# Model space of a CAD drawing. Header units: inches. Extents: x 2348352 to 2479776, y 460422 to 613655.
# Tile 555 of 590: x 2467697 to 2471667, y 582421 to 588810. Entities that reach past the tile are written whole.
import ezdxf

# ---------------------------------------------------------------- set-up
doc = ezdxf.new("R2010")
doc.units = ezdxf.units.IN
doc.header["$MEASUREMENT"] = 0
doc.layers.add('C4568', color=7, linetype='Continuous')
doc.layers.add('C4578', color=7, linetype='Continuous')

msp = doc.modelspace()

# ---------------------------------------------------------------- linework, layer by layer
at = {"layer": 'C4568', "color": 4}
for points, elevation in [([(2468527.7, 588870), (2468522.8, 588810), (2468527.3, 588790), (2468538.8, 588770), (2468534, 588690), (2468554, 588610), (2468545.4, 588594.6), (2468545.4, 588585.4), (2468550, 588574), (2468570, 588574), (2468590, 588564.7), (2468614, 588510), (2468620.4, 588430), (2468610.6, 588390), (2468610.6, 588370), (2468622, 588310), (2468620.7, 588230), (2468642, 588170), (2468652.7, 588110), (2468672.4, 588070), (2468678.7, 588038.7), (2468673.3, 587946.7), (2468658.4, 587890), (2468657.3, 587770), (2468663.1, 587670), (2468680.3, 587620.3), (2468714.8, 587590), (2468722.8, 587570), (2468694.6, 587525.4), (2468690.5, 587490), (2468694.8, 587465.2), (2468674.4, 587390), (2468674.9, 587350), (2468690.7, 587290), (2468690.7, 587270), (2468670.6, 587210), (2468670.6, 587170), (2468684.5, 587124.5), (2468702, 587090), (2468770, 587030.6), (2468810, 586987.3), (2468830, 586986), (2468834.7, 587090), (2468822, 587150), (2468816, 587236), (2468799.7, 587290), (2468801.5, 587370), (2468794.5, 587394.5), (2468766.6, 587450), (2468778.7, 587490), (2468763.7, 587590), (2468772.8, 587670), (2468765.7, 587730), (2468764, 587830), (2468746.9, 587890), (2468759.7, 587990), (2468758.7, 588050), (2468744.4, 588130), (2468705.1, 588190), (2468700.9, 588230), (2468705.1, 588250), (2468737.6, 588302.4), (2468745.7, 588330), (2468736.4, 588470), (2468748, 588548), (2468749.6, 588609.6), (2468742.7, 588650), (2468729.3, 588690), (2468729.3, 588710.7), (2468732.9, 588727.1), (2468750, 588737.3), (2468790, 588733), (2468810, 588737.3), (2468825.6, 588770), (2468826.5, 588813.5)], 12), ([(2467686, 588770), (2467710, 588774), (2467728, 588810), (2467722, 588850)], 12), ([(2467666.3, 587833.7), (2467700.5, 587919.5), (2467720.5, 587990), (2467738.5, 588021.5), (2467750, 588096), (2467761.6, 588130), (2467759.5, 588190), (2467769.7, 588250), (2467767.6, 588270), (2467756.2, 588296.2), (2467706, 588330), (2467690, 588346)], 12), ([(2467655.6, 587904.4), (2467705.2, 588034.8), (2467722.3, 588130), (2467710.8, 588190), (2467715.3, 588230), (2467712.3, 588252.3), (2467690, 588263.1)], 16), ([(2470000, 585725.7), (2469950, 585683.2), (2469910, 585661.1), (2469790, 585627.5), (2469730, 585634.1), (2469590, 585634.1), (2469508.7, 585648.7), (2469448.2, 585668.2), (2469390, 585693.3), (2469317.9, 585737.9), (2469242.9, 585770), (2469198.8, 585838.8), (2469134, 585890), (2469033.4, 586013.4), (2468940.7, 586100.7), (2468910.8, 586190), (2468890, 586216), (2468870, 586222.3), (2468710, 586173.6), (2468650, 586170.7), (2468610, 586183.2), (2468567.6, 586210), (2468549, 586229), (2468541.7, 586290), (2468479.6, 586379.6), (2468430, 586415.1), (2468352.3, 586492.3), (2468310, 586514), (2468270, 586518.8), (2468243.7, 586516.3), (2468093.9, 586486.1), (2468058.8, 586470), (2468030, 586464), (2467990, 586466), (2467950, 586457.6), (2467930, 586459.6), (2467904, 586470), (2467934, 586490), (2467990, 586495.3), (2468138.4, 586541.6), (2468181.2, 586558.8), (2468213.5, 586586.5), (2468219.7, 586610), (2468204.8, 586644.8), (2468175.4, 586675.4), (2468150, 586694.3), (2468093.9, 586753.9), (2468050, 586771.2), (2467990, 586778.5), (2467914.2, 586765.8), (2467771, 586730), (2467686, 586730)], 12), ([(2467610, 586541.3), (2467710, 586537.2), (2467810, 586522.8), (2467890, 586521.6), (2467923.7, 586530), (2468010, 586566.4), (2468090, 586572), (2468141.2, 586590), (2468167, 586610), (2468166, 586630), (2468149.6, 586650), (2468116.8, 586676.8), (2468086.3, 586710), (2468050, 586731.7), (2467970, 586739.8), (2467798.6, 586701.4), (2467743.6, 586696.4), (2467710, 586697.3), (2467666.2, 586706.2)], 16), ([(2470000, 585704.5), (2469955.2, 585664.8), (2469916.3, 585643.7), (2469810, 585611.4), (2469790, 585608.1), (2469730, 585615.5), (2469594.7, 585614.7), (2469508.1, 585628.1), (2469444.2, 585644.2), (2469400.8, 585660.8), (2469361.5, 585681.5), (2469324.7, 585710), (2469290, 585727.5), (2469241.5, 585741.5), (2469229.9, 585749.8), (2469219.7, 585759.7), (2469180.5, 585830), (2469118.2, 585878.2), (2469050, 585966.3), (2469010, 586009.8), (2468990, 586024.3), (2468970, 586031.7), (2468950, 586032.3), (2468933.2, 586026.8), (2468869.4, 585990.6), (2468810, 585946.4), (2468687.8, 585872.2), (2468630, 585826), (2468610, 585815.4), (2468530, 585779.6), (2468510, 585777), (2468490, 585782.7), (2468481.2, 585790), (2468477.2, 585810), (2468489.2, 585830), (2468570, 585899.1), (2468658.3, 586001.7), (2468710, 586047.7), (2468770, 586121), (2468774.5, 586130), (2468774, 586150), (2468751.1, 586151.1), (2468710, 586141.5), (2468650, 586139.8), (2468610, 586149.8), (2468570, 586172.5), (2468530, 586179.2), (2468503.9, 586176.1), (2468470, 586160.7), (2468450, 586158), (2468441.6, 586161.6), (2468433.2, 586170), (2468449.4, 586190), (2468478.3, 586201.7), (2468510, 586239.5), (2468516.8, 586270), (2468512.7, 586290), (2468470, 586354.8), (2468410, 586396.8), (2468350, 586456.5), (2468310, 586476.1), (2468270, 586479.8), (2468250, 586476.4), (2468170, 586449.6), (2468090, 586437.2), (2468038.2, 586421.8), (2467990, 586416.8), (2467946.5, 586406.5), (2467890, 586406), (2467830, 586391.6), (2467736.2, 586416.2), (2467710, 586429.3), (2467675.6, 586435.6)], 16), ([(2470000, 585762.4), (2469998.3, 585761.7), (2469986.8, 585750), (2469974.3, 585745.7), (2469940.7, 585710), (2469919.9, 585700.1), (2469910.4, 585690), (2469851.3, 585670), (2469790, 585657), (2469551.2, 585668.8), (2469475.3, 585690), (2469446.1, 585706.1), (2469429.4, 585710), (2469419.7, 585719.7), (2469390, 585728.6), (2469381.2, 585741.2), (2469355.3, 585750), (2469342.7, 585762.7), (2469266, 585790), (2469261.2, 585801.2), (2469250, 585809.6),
______________________________
## TASK OBJECTIVE
This exercise requires an exact copy of all the records.

## RESPONSE AREA
# Model space of a CAD drawing. Header units: inches. Extents: x 2348352 to 2479776, y 460422 to 613655.
# Tile 555 of 590: x 2467697 to 2471667, y 582421 to 588810. Entities that reach past the tile are written whole.
import ezdxf

# ---------------------------------------------------------------- set-up
doc = ezdxf.new("R2010")
doc.units = ezdxf.units.IN
doc.header["$MEASUREMENT"] = 0
doc.layers.add('C4568', color=7, linetype='Continuous')
doc.layers.add('C4578', color=7, linetype='Continuous')

msp = doc.modelspace()

# ---------------------------------------------------------------- linework, layer by layer
at = {"layer": 'C4568', "color": 4}
for points, elevation in [([(2468527.7, 588870), (2468522.8, 588810), (2468527.3, 588790), (2468538.8, 588770), (2468534, 588690), (2468554, 588610), (2468545.4, 588594.6), (2468545.4, 588585.4), (2468550, 588574), (2468570, 588574), (2468590, 588564.7), (2468614, 588510), (2468620.4, 588430), (2468610.6, 588390), (2468610.6, 588370), (2468622, 588310), (2468620.7, 588230), (2468642, 588170), (2468652.7, 588110), (2468672.4, 588070), (2468678.7, 588038.7), (2468673.3, 587946.7), (2468658.4, 587890), (2468657.3, 587770), (2468663.1, 587670), (2468680.3, 587620.3), (2468714.8, 587590), (2468722.8, 587570), (2468694.6, 587525.4), (2468690.5, 587490), (2468694.8, 587465.2), (2468674.4, 587390), (2468674.9, 587350), (2468690.7, 587290), (2468690.7, 587270), (2468670.6, 587210), (2468670.6, 587170), (2468684.5, 587124.5), (2468702, 587090), (2468770, 587030.6), (2468810, 586987.3), (2468830, 586986), (2468834.7, 587090), (2468822, 587150), (2468816, 587236), (2468799.7, 587290), (2468801.5, 587370), (2468794.5, 587394.5), (2468766.6, 587450), (2468778.7, 587490), (2468763.7, 587590), (2468772.8, 587670), (2468765.7, 587730), (2468764, 587830), (2468746.9, 587890), (2468759.7, 587990), (2468758.7, 588050), (2468744.4, 588130), (2468705.1, 588190), (2468700.9, 588230), (2468705.1, 588250), (2468737.6, 588302.4), (2468745.7, 588330), (2468736.4, 588470), (2468748, 588548), (2468749.6, 588609.6), (2468742.7, 588650), (2468729.3, 588690), (2468729.3, 588710.7), (2468732.9, 588727.1), (2468750, 588737.3), (2468790, 588733), (2468810, 588737.3), (2468825.6, 588770), (2468826.5, 588813.5)], 12), ([(2467686, 588770), (2467710, 588774), (2467728, 588810), (2467722, 588850)], 12), ([(2467666.3, 587833.7), (2467700.5, 587919.5), (2467720.5, 587990), (2467738.5, 588021.5), (2467750, 588096), (2467761.6, 588130), (2467759.5, 588190), (2467769.7, 588250), (2467767.6, 588270), (2467756.2, 588296.2), (2467706, 588330), (2467690, 588346)], 12), ([(2467655.6, 587904.4), (2467705.2, 588034.8), (2467722.3, 588130), (2467710.8, 588190), (2467715.3, 588230), (2467712.3, 588252.3), (2467690, 588263.1)], 16), ([(2470000, 585725.7), (2469950, 585683.2), (2469910, 585661.1), (2469790, 585627.5), (2469730, 585634.1), (2469590, 585634.1), (2469508.7, 585648.7), (2469448.2, 585668.2), (2469390, 585693.3), (2469317.9, 585737.9), (2469242.9, 585770), (2469198.8, 585838.8), (2469134, 585890), (2469033.4, 586013.4), (2468940.7, 586100.7), (2468910.8, 586190), (2468890, 586216), (2468870, 586222.3), (2468710, 586173.6), (2468650, 586170.7), (2468610, 586183.2), (2468567.6, 586210), (2468549, 586229), (2468541.7, 586290), (2468479.6, 586379.6), (2468430, 586415.1), (2468352.3, 586492.3), (2468310, 586514), (2468270, 586518.8), (2468243.7, 586516.3), (2468093.9, 586486.1), (2468058.8, 586470), (2468030, 586464), (2467990, 586466), (2467950, 586457.6), (2467930, 586459.6), (2467904, 586470), (2467934, 586490), (2467990, 586495.3), (2468138.4, 586541.6), (2468181.2, 586558.8), (2468213.5, 586586.5), (2468219.7, 586610), (2468204.8, 586644.8), (2468175.4, 586675.4), (2468150, 586694.3), (2468093.9, 586753.9), (2468050, 586771.2), (2467990, 586778.5), (2467914.2, 586765.8), (2467771, 586730), (2467686, 586730)], 12), ([(2467610, 586541.3), (2467710, 586537.2), (2467810, 586522.8), (2467890, 586521.6), (2467923.7, 586530), (2468010, 586566.4), (2468090, 586572), (2468141.2, 586590), (2468167, 586610), (2468166, 586630), (2468149.6, 586650), (2468116.8, 586676.8), (2468086.3, 586710), (2468050, 586731.7), (2467970, 586739.8), (2467798.6, 586701.4), (2467743.6, 586696.4), (2467710, 586697.3), (2467666.2, 586706.2)], 16), ([(2470000, 585704.5), (2469955.2, 585664.8), (2469916.3, 585643.7), (2469810, 585611.4), (2469790, 585608.1), (2469730, 585615.5), (2469594.7, 585614.7), (2469508.1, 585628.1), (2469444.2, 585644.2), (2469400.8, 585660.8), (2469361.5, 585681.5), (2469324.7, 585710), (2469290, 585727.5), (2469241.5, 585741.5), (2469229.9, 585749.8), (2469219.7, 585759.7), (2469180.5, 585830), (2469118.2, 585878.2), (2469050, 585966.3), (2469010, 586009.8), (2468990, 586024.3), (2468970, 586031.7), (2468950, 586032.3), (2468933.2, 586026.8), (2468869.4, 585990.6), (2468810, 585946.4), (2468687.8, 585872.2), (2468630, 585826), (2468610, 585815.4), (2468530, 585779.6), (2468510, 585777), (2468490, 585782.7), (2468481.2, 585790), (2468477.2, 585810), (2468489.2, 585830), (2468570, 585899.1), (2468658.3, 586001.7), (2468710, 586047.7), (2468770, 586121), (2468774.5, 586130), (2468774, 586150), (2468751.1, 586151.1), (2468710, 586141.5), (2468650, 586139.8), (2468610, 586149.8), (2468570, 586172.5), (2468530, 586179.2), (2468503.9, 586176.1), (2468470, 586160.7), (2468450, 586158), (2468441.6, 586161.6), (2468433.2, 586170), (2468449.4, 586190), (2468478.3, 586201.7), (2468510, 586239.5), (2468516.8, 586270), (2468512.7, 586290), (2468470, 586354.8), (2468410, 586396.8), (2468350, 586456.5), (2468310, 586476.1), (2468270, 586479.8), (2468250, 586476.4), (2468170, 586449.6), (2468090, 586437.2), (2468038.2, 586421.8), (2467990, 586416.8), (2467946.5, 586406.5), (2467890, 586406), (2467830, 586391.6), (2467736.2, 586416.2), (2467710, 586429.3), (2467675.6, 586435.6)], 16), ([(2470000, 585762.4), (2469998.3, 585761.7), (2469986.8, 585750), (2469974.3, 585745.7), (2469940.7, 585710), (2469919.9, 585700.1), (2469910.4, 585690), (2469851.3, 585670), (2469790, 585657), (2469551.2, 585668.8), (2469475.3, 585690), (2469446.1, 585706.1), (2469429.4, 585710), (2469419.7, 585719.7), (2469390, 585728.6), (2469381.2, 585741.2), (2469355.3, 585750), (2469342.7, 585762.7), (2469266, 585790), (2469261.2, 585801.2), (2469250, 585809.6),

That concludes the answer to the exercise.